Comprendamos que la intelectualidad no es un concurso de sabiduría académica, sino una realización del espíritu crítico capaz de enfrentarse a sí mismo.

Entonces, frente a un panorama que como un péndulo vuelve una y otra vez a la crítica de la coyuntura como una estadística destinada al olvido, pretendemos elevarnos y vislumbrar el porqué de siempre. Un porqué que todavía sigue siendo un porqué y que probablemente siempre lo será, porque no puede vislumbrarse un final visible ni siquiera desde estas alturas.

Como enseña Foucault en La verdad y las formas jurídicas, toda organización social produce también una determinada forma de verdad, una construcción destinada a sostener con ideas la existencia concreta de los hombres.

Comenzar a hablar desde la política nos obliga a circunscribirnos dentro de los márgenes prescriptos por el derecho, y eso es inevitable. Siempre que se organizó entre hombres cualquier forma de convivencia, esta fue precedida por una visión jurídica del mundo o por una determinada idea de justicia. Da igual si decidimos no entrar en su discurso.

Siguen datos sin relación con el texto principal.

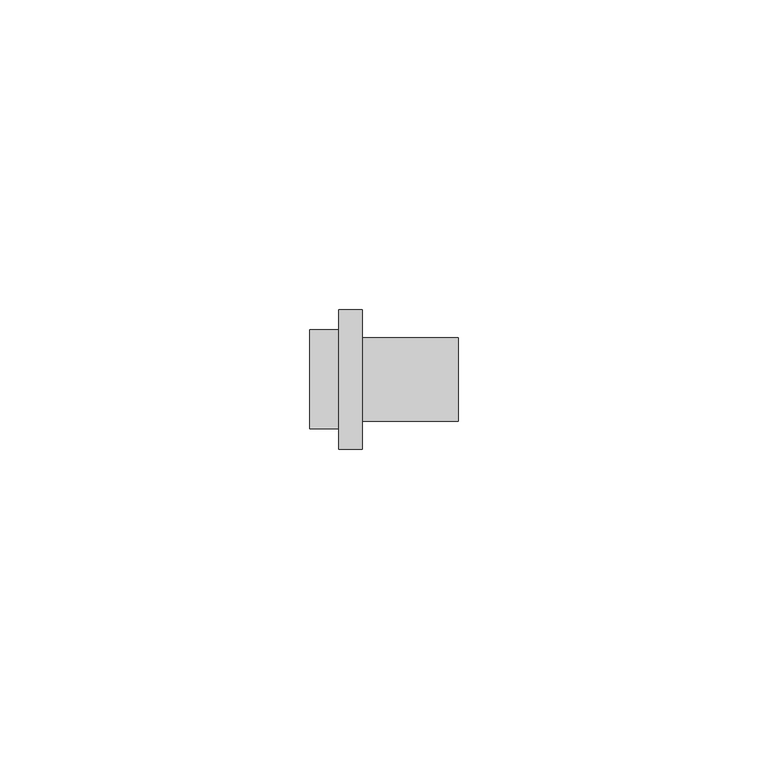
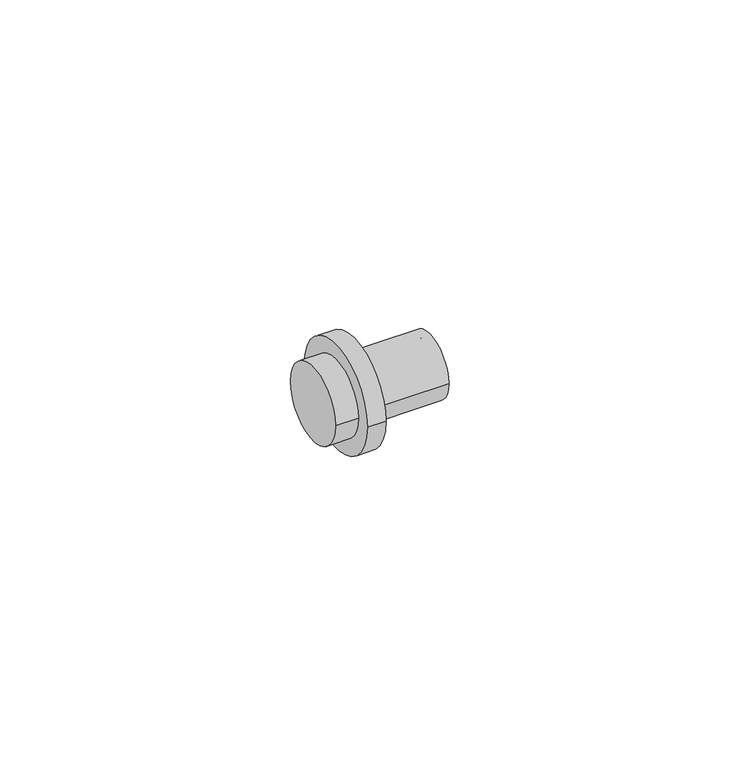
"""IFC4 building model written with IfcOpenShell, lengths in millimetres: pipe fitting geometry, REHAU_RAUTITAN_Dummy_Plug_RX+ : REHAU_RAUTITAN_Dummy_Plug_RX+."""

from ifc_helpers import new_model, si_unit, point, frame, origin, origin_2d, place, context, project, spatial, polyline, circle_curve, trimmed, segment, composite_curve, outline, extrude, source, transform, mapped, element, save
from ifc_brep_helpers import plane_surface, cylinder_surface, revolved_surface, advanced_brep


def pipe_fitting_94e4dc49(model_context):
    return source(origin(), model_context, "Body", "SolidModel", [
        extrude(outline(composite_curve([segment(trimmed(circle_curve(origin_2d(), 8.0), [point((-8.0, 0.0))], [point((8.0, 0.0))], False, "CARTESIAN"), True, "CONTINUOUS"), segment(trimmed(circle_curve(origin_2d(), 8.0), [point((8.0, 0.0))], [point((-8.0, 0.0))], False, "CARTESIAN"), True, "CONTINUOUS")], self_intersect=False)), frame((-4.7, 0.0, 0.0), z_axis=(1.0, 0.0, 0.0), x_axis=(0.0, 1.0, 0.0)), (0.0, 0.0, 1.0), 4.7),
        advanced_brep(
        [(3.8, -11.25, 0.0), (3.8, 11.25, 0.0), (3.8, 4.95, 0.0), (3.8, -4.95, 0.0), (0.0, -11.25, 0.0), (0.0, 11.25, 0.0), (1.3, -4.95, 0.0), (1.3, 4.95, 0.0)],
        [
            (0, 1, circle_curve(frame((3.8, 0.0, 0.0), z_axis=(1.0, 0.0, 0.0), x_axis=(0.0, 1.0, 0.0)), 11.25)),
            (1, 0, circle_curve(frame((3.8, 0.0, 0.0), z_axis=(1.0, 0.0, 0.0), x_axis=(0.0, 1.0, 0.0)), 11.25)),
            (2, 3, circle_curve(frame((3.8, 0.0, 0.0), z_axis=(-1.0, 0.0, 0.0), x_axis=(0.0, 1.0, 0.0)), 4.95)),
            (3, 2, circle_curve(frame((3.8, 0.0, 0.0), z_axis=(-1.0, 0.0, 0.0), x_axis=(0.0, 1.0, 0.0)), 4.95)),
            (4, 5, circle_curve(frame((0.0, 0.0, 0.0), z_axis=(-1.0, 0.0, 0.0), x_axis=(0.0, 1.0, 0.0)), 11.25)),
            (5, 4, circle_curve(frame((0.0, 0.0, 0.0), z_axis=(-1.0, 0.0, 0.0), x_axis=(0.0, 1.0, 0.0)), 11.25)),
            (0, 4),
            (5, 1),
            (6, 7, circle_curve(frame((1.3, 0.0, 0.0), z_axis=(1.0, 0.0, 0.0), x_axis=(0.0, 1.0, 0.0)), 4.95)),
            (7, 6, circle_curve(frame((1.3, 0.0, 0.0), z_axis=(1.0, 0.0, 0.0), x_axis=(0.0, 1.0, 0.0)), 4.95)),
            (6, 3),
            (2, 7),
        ],
        [
            plane_surface(frame((3.8, 11.25, 0.0), z_axis=(1.0, 0.0, 0.0), x_axis=(0.0, 0.0, 1.0))),
            plane_surface(frame((0.0, 11.25, 0.0), z_axis=(-1.0, 0.0, 0.0), x_axis=(0.0, 0.0, -1.0))),
            cylinder_surface(frame((0.0, 0.0, 0.0), z_axis=(1.0, 0.0, 0.0), x_axis=(0.0, 1.0, 0.0)), 11.25),
            plane_surface(frame((1.3, 4.95, 0.0), z_axis=(1.0, 0.0, 0.0), x_axis=(0.0, 0.0, -1.0))),
            revolved_surface(polyline([(3.8, 4.95, 0.0), (1.3, 4.95, 0.0)]), (1.3, 0.0, 0.0), (1.0, 0.0, 0.0)),
        ],
        [
            (0, [[1, 2], [3, 4]]),
            (1, [[5, 6]]),
            (2, [[-1, 7, -6, 8]]),
            (2, [[-2, -8, -5, -7]]),
            (3, [[9, 10]]),
            (4, [[-9, 11, -3, 12]]),
            (4, [[-10, -12, -4, -11]]),
        ],
    ),
        extrude(outline(composite_curve([segment(trimmed(circle_curve(origin_2d(), 6.725), [point((-6.725, 0.0))], [point((6.725, 0.0))], False, "CARTESIAN"), True, "CONTINUOUS"), segment(trimmed(circle_curve(origin_2d(), 6.725), [point((6.725, 0.0))], [point((-6.725, 0.0))], False, "CARTESIAN"), True, "CONTINUOUS")], self_intersect=False), holes=[composite_curve([segment(trimmed(circle_curve(origin_2d(), 4.95), [point((-4.95, 0.0))], [point((4.95, 0.0))], True, "CARTESIAN"), True, "CONTINUOUS"), segment(trimmed(circle_curve(origin_2d(), 4.95), [point((4.95, 0.0))], [point((-4.95, 0.0))], True, "CARTESIAN"), True, "CONTINUOUS")], self_intersect=False)]), frame((1.3, 0.0, 0.0), z_axis=(1.0, 0.0, 0.0), x_axis=(0.0, 1.0, 0.0)), (0.0, 0.0, 1.0), 18.0),
    ])


if __name__ == "__main__":
    model = new_model("IFC4")
    model_context = context("Model", 3, world=origin())
    ifc_project = project(units=[si_unit("LENGTHUNIT", "METRE", prefix="MILLI")], contexts=[model_context])
    site = spatial("IfcSite", under=ifc_project)
    building = spatial("IfcBuilding", under=site)
    placement = place(None, origin())
    pipe_fitting_shape = pipe_fitting_94e4dc49(model_context)
    element("IfcPipeFitting", 1, ObjectType="REHAU_RAUTITAN_Dummy_Plug_RX+ : REHAU_RAUTITAN_Dummy_Plug_RX+", at=placement, inside=building, context=model_context, shape_type="MappedRepresentation", body=[
        mapped(pipe_fitting_shape, transform((0.0, 0.0, 0.0), x_axis=(1.0, 0.0, 0.0), y_axis=(0.0, 1.0, 0.0), z_axis=(0.0, 0.0, 1.0))),
    ])
    save(model, "model.ifc")

Lo cierto es que el derecho se anticipa a las formas de organización humana y fundamenta, desde lo más abstracto hasta lo más concreto, una manera de entendernos con derecho a réplica.

Ya sea de forma divina o humana, el derecho, mediante la magia argumentativa y los poderes cósmicos de la justicia, logra establecer el porqué de la conducta que debemos a ese todo hegeliano que parece eterno.

Existe una forma de comprender el mundo que consiste en encontrar el porqué del orden impuesto. Desde allí pueden comprenderse los engaños a los que nos sometemos y conquistarse una cierta independencia frente a la imposición. Pero se trata de un largo y difícil proceso de purificación de la hipocresía y la megalomanía que dominan la conciencia del mundo como una forma a priori de existencia.

El derecho es el único dios, y solo a partir de dios podemos cuidarnos de dios. Gracias a dios ya no se interpretan señales para entender a dios ni para reconocer mensajes divinos, sino que se estudian fenómenos contingentes desde la ciencia del derecho y desde la transversalidad del conocimiento humano interdisciplinario.

El hombre jurídico, político o social es un animal metafísico, porque enlazar una significación consigo mismo y con el mundo resulta vital para no caer en el sinsentido. Para devenir en un ser racional, el hombre necesita justificarse a sí mismo, como decían los aristócratas de la existencia.

Antes de que podamos decir «yo», la ley ha hecho de cada uno de nosotros un sujeto de derecho. Para ser libre, el sujeto debe primero estar ligado (sub-jectum: sujeto sometido) por medio de palabras que lo vinculan con los demás hombres.

El derecho y la palabra hacen que cada recién nacido acceda a la humanidad. Es decir, atribuyen una significación a su vida.

Existen dos maneras de contraer la idiocia —estar restringido a uno mismo—: privándonos de los vínculos con nuestros semejantes o siendo incapaces de comprender otras visiones posibles. Es decir, siendo incapaces de acordar con nuestros semejantes una representación del mundo en la que cada uno tenga su propio lugar.

El hombre puede matar o morir por una causa que considera justa —su libertad, su patria, su dios, su honor— y, desde ese punto de vista, en cada uno de nosotros hay una bomba.

La aspiración a la justicia no es, por lo tanto, un vestigio de un pensamiento precientífico. Representa, para bien o para mal, un dato antropológico, político y jurídico fundamental.

El hombre no nace racional, sino que deviene racional al acceder a un sentido compartido con otros hombres. La trama de lo que llamamos sociedad está formada por lazos de palabras que vinculan a los hombres unos con otros, motivo por el cual no es posible una sociedad animal.

La política cambia. El derecho cambia. Cambian los imperios, las constituciones y las formas de gobierno. Sin embargo, ciertas preguntas regresan una y otra vez. ¿Por qué obedecemos? ¿Qué vuelve legítimo un orden? ¿Qué estamos dispuestos a reconocer como justo?

Tal vez las verdades constantes no sean respuestas eternas. Tal vez sean las preguntas que ninguna época consigue abandonar definitivamente.